Dear ______ People: Why do you fear the color of my skin?
More stories from Jazmin Moses

Why do you fear my skin? Why is it that when I walk through certain places you stare at me, as though four heads grow from my neck?
Being black and female has taught me that I live in a world where the odds are stacked against me. It has made me stronger than I should be. It has made me grow up faster than I should have.
With all that I have against me, why do you fear me and my skin? Does black and brown represent something that I don’t know about?
Is it the media? Because, according to Atlanta Black Star, “The media continues to broadcast daily imagery of black men as dangerously criminal, using and dealing drugs, hypersexual, unemployable, idle, and the epitome of death and doom. This is true despite the reality that white people have, and do, participate in mob and domestic violence in higher numbers, and that whites comprise more than 70 percent of drug abusers and dealers in our country.”

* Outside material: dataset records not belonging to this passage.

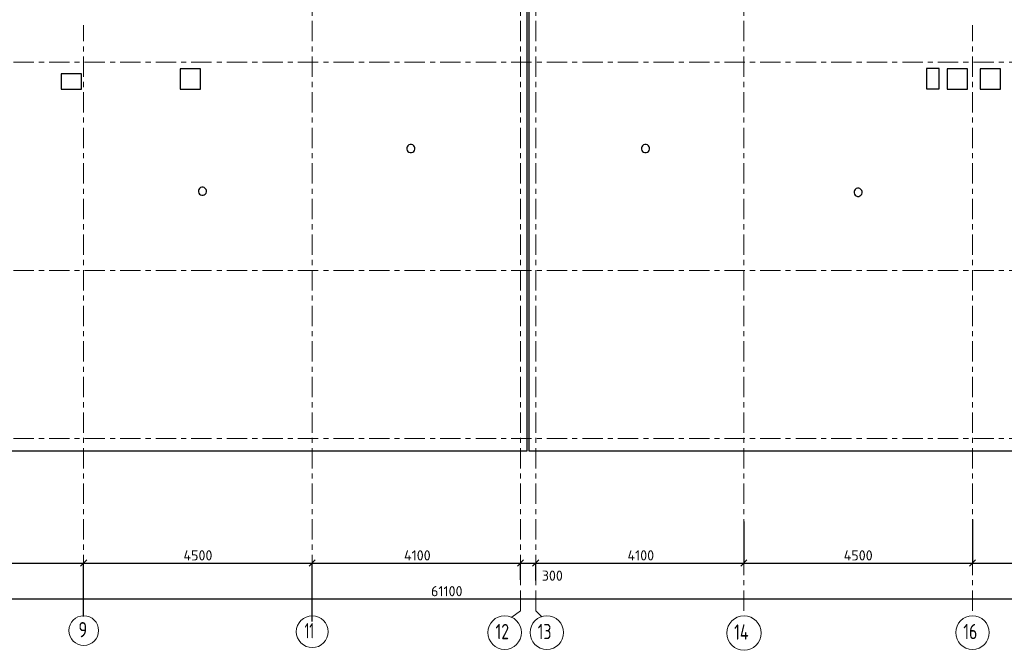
# Model space of a CAD drawing. Header units: metres. Extents: x -38 to 99, y -15 to 21.
# Tile 6 of 48: x 23 to 42, y -4 to 8. Entities that reach past the tile are written whole.
import ezdxf

# ---------------------------------------------------------------- set-up
doc = ezdxf.new("R2010")
doc.units = ezdxf.units.M
doc.header["$PDMODE"] = 65
doc.linetypes.add('______11', pattern=[0.5, 0.4, -0.05, 0, -0.05])
doc.linetypes.add('______5', pattern=[1.1, 0.8, -0.1, 0.1, -0.1])
for name, color, linetype, lineweight in [('XR$2$Осевая линия (1)', 7, '______5', 13), ('XR$2$Размерная линия (1)', 7, 'Continuous', 13), ('XR$3$Перекрытие (1)', 7, 'Continuous', 35)]:
    doc.layers.add(name, color=color, linetype=linetype, lineweight=lineweight)
doc.styles.add('ISOCPEUR', font='txt')
doc.dimstyles.new('DIMSTYLE_3', dxfattribs={"dimtxt": 0.2, "dimasz": 0.2, "dimexe": 0, "dimexo": 0, "dimgap": 0.1, "dimtad": 2, "dimdec": 0, "dimlfac": 1000, "dimrnd": 5, "dimzin": 12, "dimdsep": 46, "dimtxsty": 'ISOCPEUR', "dimblk1": 'ALL_ML_STRICH', "dimblk2": 'ALL_ML_STRICH', "dimsah": 1, "dimcen": 0, "dimclrd": 7, "dimclre": 256, "dimclrt": 7, "dimadec": 0, "dimazin": 0, "dimtfac": 1, "dimtdec": 0, "dimtix": 1, "dimtmove": 2, "dimatfit": 3, "dimfxl": 0, "dimtzin": 0, "dimlwd": 0, "dimlwe": -3, "dimarcsym": 0})
doc.dimstyles.new('DIMSTYLE_4', dxfattribs={"dimtxt": 0.2, "dimasz": 0.2, "dimexe": 0, "dimexo": 0, "dimgap": 0.1, "dimtad": 0, "dimdec": 0, "dimlfac": 1000, "dimrnd": 5, "dimzin": 12, "dimdsep": 46, "dimtxsty": 'ISOCPEUR', "dimblk1": 'ALL_ML_STRICH', "dimblk2": 'ALL_ML_STRICH', "dimsah": 1, "dimcen": 0, "dimclrd": 7, "dimclre": 256, "dimclrt": 7, "dimadec": 0, "dimazin": 0, "dimtfac": 1, "dimtdec": 0, "dimtix": 1, "dimtmove": 2, "dimatfit": 3, "dimfxl": 0, "dimtvp": 1.2, "dimtzin": 0, "dimlwd": 0, "dimlwe": -3, "dimarcsym": 0})

# ---------------------------------------------------------------- blocks, each defined once
blk = doc.blocks.new('ALL_ML_STRICH')
at = {"color": 0, "linetype": 'ByBlock', "lineweight": -2}
for p, q in [((-1, 0), (0.5, 0)), ((-0.3, -0.3), (0.3, 0.3)), ((0, -0.5), (0, 0.5))]:
    blk.add_line(p, q, dxfattribs=at)
blk = doc.blocks.new('*D12')
at = {"layer": 'DEFPOINTS', "color": 7, "linetype": 'Continuous', "lineweight": 13, "transparency": 33554687}
for p in [(0.5, -3.103), (0.5, -3.156), (61.6, -3.14)]:
    blk.add_point(p, dxfattribs=at)
at = {"layer": 'XR$2$Размерная линия (1)', "color": 9, "linetype": 'Continuous', "lineweight": -2, "true_color": 0xc7c7c7, "transparency": 33554687}
for p, q in [((0.5, -3.123), (0.5, -3.156)), ((61.6, -3.156), (61.6, -3.156))]:
    blk.add_line(p, q, dxfattribs=at)
at = {"layer": 'XR$2$Размерная линия (1)', "color": 7, "linetype": 'Continuous', "lineweight": -2, "transparency": 33554687}
blk.add_line((0.5, -3.156), (61.6, -3.156), dxfattribs=at)
at = {"layer": 'XR$2$Размерная линия (1)', "color": 7, "linetype": 'Continuous', "lineweight": 13, "transparency": 33554687, "xscale": 0.2, "yscale": 0.2, "zscale": 0.2, "rotation": 180}
blk.add_blockref('ALL_ML_STRICH', (0.5, -3.156), dxfattribs=at)
at = {"layer": 'XR$2$Размерная линия (1)', "color": 7, "linetype": 'Continuous', "lineweight": 13, "transparency": 33554687, "xscale": 0.2, "yscale": 0.2, "zscale": 0.2}
blk.add_blockref('ALL_ML_STRICH', (61.6, -3.156), dxfattribs=at)
at = {"layer": 'XR$2$Размерная линия (1)', "color": 7, "linetype": 'Continuous', "lineweight": 13, "transparency": 33554687, "insert": (31.1, -3.006), "char_height": 0.2, "width": 1, "attachment_point": 5, "style": 'ISOCPEUR'}
blk.add_mtext('\\A1;{61100}', dxfattribs=at)
blk = doc.blocks.new('*D17')
at = {"layer": 'DEFPOINTS', "color": 7, "linetype": 'Continuous', "lineweight": 13, "transparency": 33554687}
for p in [(19.45, -2.452), (19.45, -3.607), (23.95, -3.521)]:
    blk.add_point(p, dxfattribs=at)
at = {"layer": 'XR$2$Размерная линия (1)', "color": 9, "linetype": 'Continuous', "lineweight": -2, "true_color": 0xc7c7c7, "transparency": 33554687}
for p, q in [((19.45, -3.587), (19.45, -2.452)), ((23.95, -3.501), (23.95, -2.452))]:
    blk.add_line(p, q, dxfattribs=at)
at = {"layer": 'XR$2$Размерная линия (1)', "color": 7, "linetype": 'Continuous', "lineweight": -2, "transparency": 33554687}
blk.add_line((19.45, -2.452), (23.95, -2.452), dxfattribs=at)
at = {"layer": 'XR$2$Размерная линия (1)', "color": 7, "linetype": 'Continuous', "lineweight": 13, "transparency": 33554687, "xscale": 0.2, "yscale": 0.2, "zscale": 0.2, "rotation": 180}
blk.add_blockref('ALL_ML_STRICH', (19.45, -2.452), dxfattribs=at)
at = {"layer": 'XR$2$Размерная линия (1)', "color": 7, "linetype": 'Continuous', "lineweight": 13, "transparency": 33554687, "xscale": 0.2, "yscale": 0.2, "zscale": 0.2}
blk.add_blockref('ALL_ML_STRICH', (23.95, -2.452), dxfattribs=at)
at = {"layer": 'XR$2$Размерная линия (1)', "color": 7, "linetype": 'Continuous', "lineweight": 13, "transparency": 33554687, "insert": (21.7, -2.302), "char_height": 0.2, "width": 0.8, "attachment_point": 5, "style": 'ISOCPEUR'}
blk.add_mtext('\\A1;{4500}', dxfattribs=at)
blk = doc.blocks.new('*D18')
at = {"layer": 'DEFPOINTS', "color": 7, "linetype": 'Continuous', "lineweight": 13, "transparency": 33554687}
for p in [(23.95, -2.452), (23.95, -3.521), (28.45, -3.623)]:
    blk.add_point(p, dxfattribs=at)
at = {"layer": 'XR$2$Размерная линия (1)', "color": 9, "linetype": 'Continuous', "lineweight": -2, "true_color": 0xc7c7c7, "transparency": 33554687}
for p, q in [((23.95, -3.501), (23.95, -2.452)), ((28.45, -3.603), (28.45, -2.452))]:
    blk.add_line(p, q, dxfattribs=at)
at = {"layer": 'XR$2$Размерная линия (1)', "color": 7, "linetype": 'Continuous', "lineweight": -2, "transparency": 33554687}
blk.add_line((23.95, -2.452), (28.45, -2.452), dxfattribs=at)
at = {"layer": 'XR$2$Размерная линия (1)', "color": 7, "linetype": 'Continuous', "lineweight": 13, "transparency": 33554687, "xscale": 0.2, "yscale": 0.2, "zscale": 0.2, "rotation": 180}
blk.add_blockref('ALL_ML_STRICH', (23.95, -2.452), dxfattribs=at)
at = {"layer": 'XR$2$Размерная линия (1)', "color": 7, "linetype": 'Continuous', "lineweight": 13, "transparency": 33554687, "xscale": 0.2, "yscale": 0.2, "zscale": 0.2}
blk.add_blockref('ALL_ML_STRICH', (28.45, -2.452), dxfattribs=at)
at = {"layer": 'XR$2$Размерная линия (1)', "color": 7, "linetype": 'Continuous', "lineweight": 13, "transparency": 33554687, "insert": (26.2, -2.302), "char_height": 0.2, "width": 0.8, "attachment_point": 5, "style": 'ISOCPEUR'}
blk.add_mtext('\\A1;{4500}', dxfattribs=at)
blk = doc.blocks.new('*D19')
at = {"layer": 'DEFPOINTS', "color": 7, "linetype": 'Continuous', "lineweight": 13, "transparency": 33554687}
for p in [(28.45, -2.452), (32.55, -2.802), (28.45, -3.623)]:
    blk.add_point(p, dxfattribs=at)
at = {"layer": 'XR$2$Размерная линия (1)', "color": 9, "linetype": 'Continuous', "lineweight": -2, "true_color": 0xc7c7c7, "transparency": 33554687}
for p, q in [((28.45, -3.603), (28.45, -2.452)), ((32.55, -2.782), (32.55, -2.452))]:
    blk.add_line(p, q, dxfattribs=at)
at = {"layer": 'XR$2$Размерная линия (1)', "color": 7, "linetype": 'Continuous', "lineweight": -2, "transparency": 33554687}
blk.add_line((28.45, -2.452), (32.55, -2.452), dxfattribs=at)
at = {"layer": 'XR$2$Размерная линия (1)', "color": 7, "linetype": 'Continuous', "lineweight": 13, "transparency": 33554687, "xscale": 0.2, "yscale": 0.2, "zscale": 0.2, "rotation": 180}
blk.add_blockref('ALL_ML_STRICH', (28.45, -2.452), dxfattribs=at)
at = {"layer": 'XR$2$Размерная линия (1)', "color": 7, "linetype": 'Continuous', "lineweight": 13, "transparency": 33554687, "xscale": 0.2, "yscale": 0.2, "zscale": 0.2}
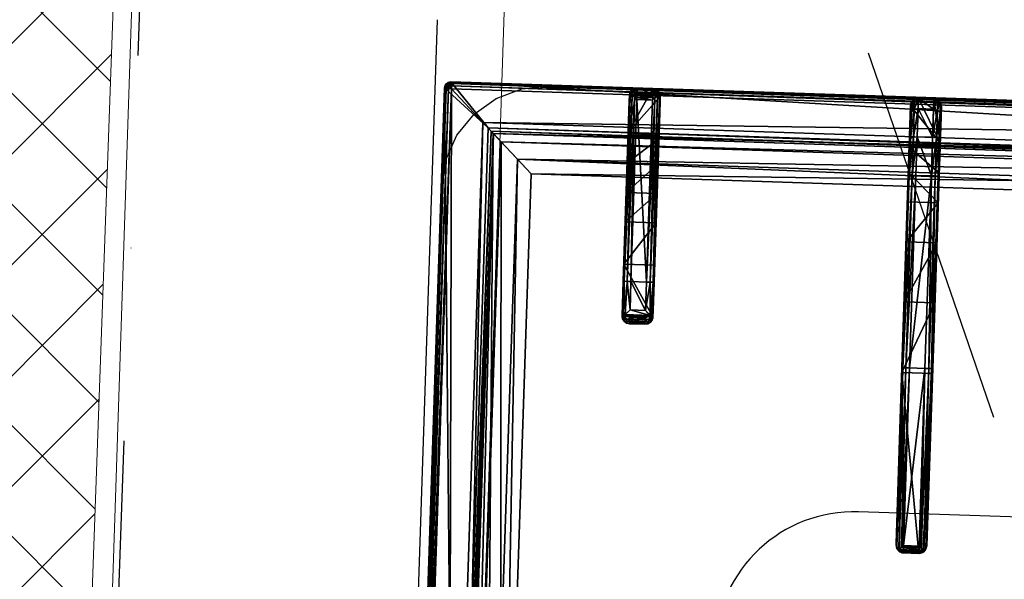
# Model space of a CAD drawing. Header units: millimetres. Extents: x 297264 to 416219, y -77299 to -23696.
# Tile 140 of 187: x 343425 to 343744, y -28391 to -28210. Entities that reach past the tile are written whole.
import ezdxf

# ---------------------------------------------------------------- set-up
doc = ezdxf.new("R2010")
doc.units = ezdxf.units.MM
doc.header["$LTSCALE"] = 2.5
doc.linetypes.add('CONTINUA', pattern=[0])
doc.linetypes.add('DASHDOTX2', pattern=[2, 1, -0.5, 0, -0.5])
for name, color, linetype, lineweight in [('CKD Equipments', 252, 'Continuous', 0), ('ELEVATION 1', 143, 'Continuous', 18), ('HATCH LIGHT', 250, 'Continuous', 0), ('WALL', 132, 'Continuous', 25)]:
    doc.layers.add(name, color=color, linetype=linetype, lineweight=lineweight)
for name, color, linetype in [('CKD-Hood', 1, 'Continuous'), ('IQ_200_3D', 1, 'Continuous'), ('IQ_204_2D', 7, 'CONTINUA'), ('IQ_204_3D', 7, 'Continuous')]:
    doc.layers.add(name, color=color, linetype=linetype)

# ---------------------------------------------------------------- blocks, each defined once
blk = doc.blocks.new('ELECTROLUX-MC7-TOPFYERBRURNERS4')
at = {"layer": 'IQ_200_3D'}
for points, invisible_edges in [([(400, -655, 900), (379.66, -619.74, 900), (379.66, -117.26, 900), (400, -80.5, 900)], 13), ([(454.11, -83.5, 900), (445.37, -84.65, 900), (400, -80.5, 900)], 10), ([(445.37, -84.65, 900), (437.22, -88.02, 900), (400, -80.5, 900)], 10), ([(437.22, -88.02, 900), (430.23, -93.39, 900), (400, -80.5, 900)], 10), ([(430.23, -93.39, 900), (424.86, -100.38, 900), (400, -80.5, 900)], 10), ([(424.86, -100.38, 900), (421.49, -108.53, 900), (400, -80.5, 900)], 10), ([(421.49, -108.53, 900), (420.34, -117.26, 900), (400, -80.5, 900)], 10), ([(400, -655, 900), (420.34, -619.74, 900), (420.34, -117.26, 900), (400, -80.5, 900)], 13), ([(400, -80.5, 900), (454.11, -83.5, 900), (745.89, -83.5, 900), (800, -80.5, 900)], 5)]:
    blk.add_3dface(points, dxfattribs=dict(at, invisible_edges=invisible_edges))
at = {"layer": 'IQ_204_2D'}
for p, q in [((420, -651.5), (420, -85.5)), ((422, -83.5), (778, -83.5)), ((422.47, -143.5), (482.76, -143.5)), ((482.76, -143.5), (491.91, -143.5)), ((494.04, -143.5), (491.91, -143.5)), ((420, -151), (420, -146)), ((420, -151), (420, -146)), ((422, -151), (422, -146)), ((482.81, -146), (422, -146)), ((482.81, -151), (482.81, -146)), ((492.02, -146), (482.81, -146)), ((492.02, -146), (492.02, -151)), ((494.37, -146), (496.48, -146)), ((494.37, -151), (494.37, -146)), ((496.48, -146), (496.48, -151)), ((422, -151), (482.81, -151)), ((482.81, -151), (492.02, -151)), ((496.48, -151), (494.37, -151)), ((482.76, -153.5), (422.47, -153.5)), ((491.91, -153.5), (482.76, -153.5)), ((491.91, -153.5), (494.04, -153.5)), ((422.81, -234.75), (445.31, -234.75)), ((445.31, -234.75), (445.31, -237.25)), ((445.31, -234.75), (507.76, -234.75)), ((507.76, -234.75), (564.89, -234.75)), ((564.89, -234.75), (565.31, -234.75)), ((420.31, -237.25), (420.31, -242.25)), ((445.31, -237.25), (420.31, -237.25)), ((445.31, -237.25), (445.31, -242.25)), ((507.81, -237.25), (445.31, -237.25)), ((507.81, -237.25), (507.81, -242.25)), ((565.46, -237.25), (507.81, -237.25)), ((565.46, -237.25), (565.46, -242.25)), ((567.27, -236.66), (567.27, -242.84)), ((567.36, -237.25), (567.36, -242.25)), ((567.81, -237.25), (567.36, -237.25)), ((567.81, -237.25), (567.81, -242.25)), ((420.31, -242.25), (445.31, -242.25)), ((445.31, -242.25), (507.81, -242.25)), ((445.31, -242.25), (445.31, -244.75)), ((507.81, -242.25), (565.46, -242.25)), ((567.36, -242.25), (567.81, -242.25)), ((445.31, -244.75), (422.81, -244.75)), ((507.76, -244.75), (445.31, -244.75)), ((564.89, -244.75), (507.76, -244.75)), ((565.31, -244.75), (564.89, -244.75))]:
    blk.add_line(p, q, dxfattribs=at)
blk.add_lwpolyline([(751.02, -112.48), (448.98, -112.48), (448.98, -624.52), (751.02, -624.52)], close=True, dxfattribs=at)
blk.add_lwpolyline([(555, -353.5), (555, -222.25, -1), (645, -222.25), (645, -353.5)], format="xyb", dxfattribs=at)
for centre, radius, start, end in [((422, -85.5), 2, 90, 180), ((422.81, -237.25), 2.5, 90, 180), ((422.81, -242.25), 2.5, 180, 270)]:
    blk.add_arc(centre, radius, start, end, dxfattribs=at)
for centre, major_axis, ratio, start_param, end_param in [((422.47, -146), (0, 2.5), 0.948965, 0, 0.895145), ((482.76, -146), (0, 2.5), 0.02182, 4.712389, 6.283185), ((491.91, -146), (0, 2.5), 0.84544, -0.894481, 0), ((491.91, -146), (2.5, 2.5), 0.02182, 4.734206, 5.410521), ((491.91, -146), (-1.92, 1.92), 0.8391, 4.014257, 4.690572), ((422.47, -151), (0, 2.5), 0.948965, 2.246448, 3.141593), ((482.76, -151), (0, 2.5), 0.02182, 3.141593, 4.712389), ((491.91, -151), (0, 2.5), 0.84544, 3.141593, 4.036074), ((491.91, -151), (-2.5, 2.5), 0.02182, 4.014257, 4.690572), ((491.91, -151), (1.92, 1.92), 0.8391, 4.734206, 5.410521)]:
    blk.add_ellipse(centre, major_axis=major_axis, ratio=ratio, start_param=start_param, end_param=end_param, dxfattribs=at)
at = {"layer": 'IQ_204_2D', "extrusion": (0, 0, -1)}
for centre, major_axis, ratio, start_param, end_param in [((507.76, -237.25), (0, 2.5), 0.02182, 0, 1.570796), ((564.89, -237.25), (0, 2.5), 0.951091, 0, 0.914364), ((565.31, -237.25), (-2.5, 0), 0.99863, 1.570796, 3.141593), ((563.89, -237.25), (-3.47, 0), 0.720185, 2.903047, 3.141593), ((507.76, -242.25), (0, 2.5), 0.02182, 1.570796, 3.141593), ((565.31, -242.25), (-2.5, 0), 0.99863, 3.141593, 4.712389), ((563.89, -242.25), (3.47, 0), 0.720185, 0, 0.238546), ((564.89, -242.25), (0, 2.5), 0.951091, 2.227228, 3.141593)]:
    blk.add_ellipse(centre, major_axis=major_axis, ratio=ratio, start_param=start_param, end_param=end_param, dxfattribs=at)
at = {"layer": 'IQ_204_2D'}
for points, knots in [([(496.48, -146), (496.48, -145.84), (496.46, -145.68), (496.4, -145.36), (496.35, -145.2), (496.23, -144.89), (496.15, -144.74), (495.97, -144.47), (495.87, -144.34), (495.65, -144.12), (495.53, -144.02), (495.26, -143.83), (495.12, -143.75), (494.82, -143.63), (494.66, -143.58), (494.35, -143.51), (494.19, -143.5), (494.04, -143.5)], [15.096253, 15.096253, 15.096253, 15.096253, 15.567018, 15.567018, 16.037783, 16.037783, 16.508548, 16.508548, 16.979314, 16.979314, 17.45135, 17.45135, 17.923386, 17.923386, 18.395422, 18.395422, 18.867458, 18.867458, 18.867458, 18.867458]), ([(420.62, -144.44), (420.45, -144.64), (420.31, -144.87), (420.14, -145.25), (420.09, -145.41), (420.03, -145.71), (420.01, -145.86), (420, -146)], [11.858599, 11.858599, 11.858599, 11.858599, 12.773425, 12.773425, 13.35037, 13.35037, 13.927314, 13.927314, 13.927314, 13.927314]), ([(422, -146), (421.87, -145.86), (421.74, -145.71), (421.47, -145.41), (421.33, -145.25), (420.99, -144.87), (420.79, -144.64), (420.62, -144.44)], [0, 0, 0, 0, 0.576945, 0.576945, 1.153889, 1.153889, 2.068716, 2.068716, 2.068716, 2.068716]), ([(420, -151), (420.01, -151.14), (420.03, -151.29), (420.09, -151.59), (420.14, -151.75), (420.31, -152.13), (420.45, -152.36), (420.62, -152.56)], [0, 0, 0, 0, 0.576945, 0.576945, 1.153889, 1.153889, 2.068716, 2.068716, 2.068716, 2.068716]), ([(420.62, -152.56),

Black people are not all the same, nor do they act the same. Some of us grew up in tough city areas and some of grew up in white suburbia, and most of us are trying to do our best, to be our best. We’re trying to create change in our communities.
So again, what about my skin scares you? Is it that I stand tall and proud, even when you attempt to degrade and tear me down? That I listened to Maya Angelou and understood I rise, still I rise?
You see us as a rough and threatening, and if we are, that’s because you helped make us that way. But let me tell you this: there’s no reason to be afraid. It is when you are ignorant that you have “reason” to fear what you don’t know.
That is why we are in college; so we can educate one another about each other. So don’t be afraid to ask certain questions, even if you think it might offend us. Most times we can read when you’re trying to be disrespectful. If anything, as history and the present has taught us well, it is those who are black and brown who have more to fear.